+++ Supplied records +++

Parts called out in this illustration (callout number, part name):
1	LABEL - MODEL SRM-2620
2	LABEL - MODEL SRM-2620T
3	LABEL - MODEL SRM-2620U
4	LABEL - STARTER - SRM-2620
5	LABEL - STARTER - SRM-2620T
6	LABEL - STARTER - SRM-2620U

+++

[Problem details] A verbatim transcription of all the entries above is required.

[Written response]
Parts called out in this illustration (callout number, part name):
1	LABEL - MODEL SRM-2620
2	LABEL - MODEL SRM-2620T
3	LABEL - MODEL SRM-2620U
4	LABEL - STARTER - SRM-2620
5	LABEL - STARTER - SRM-2620T
6	LABEL - STARTER - SRM-2620U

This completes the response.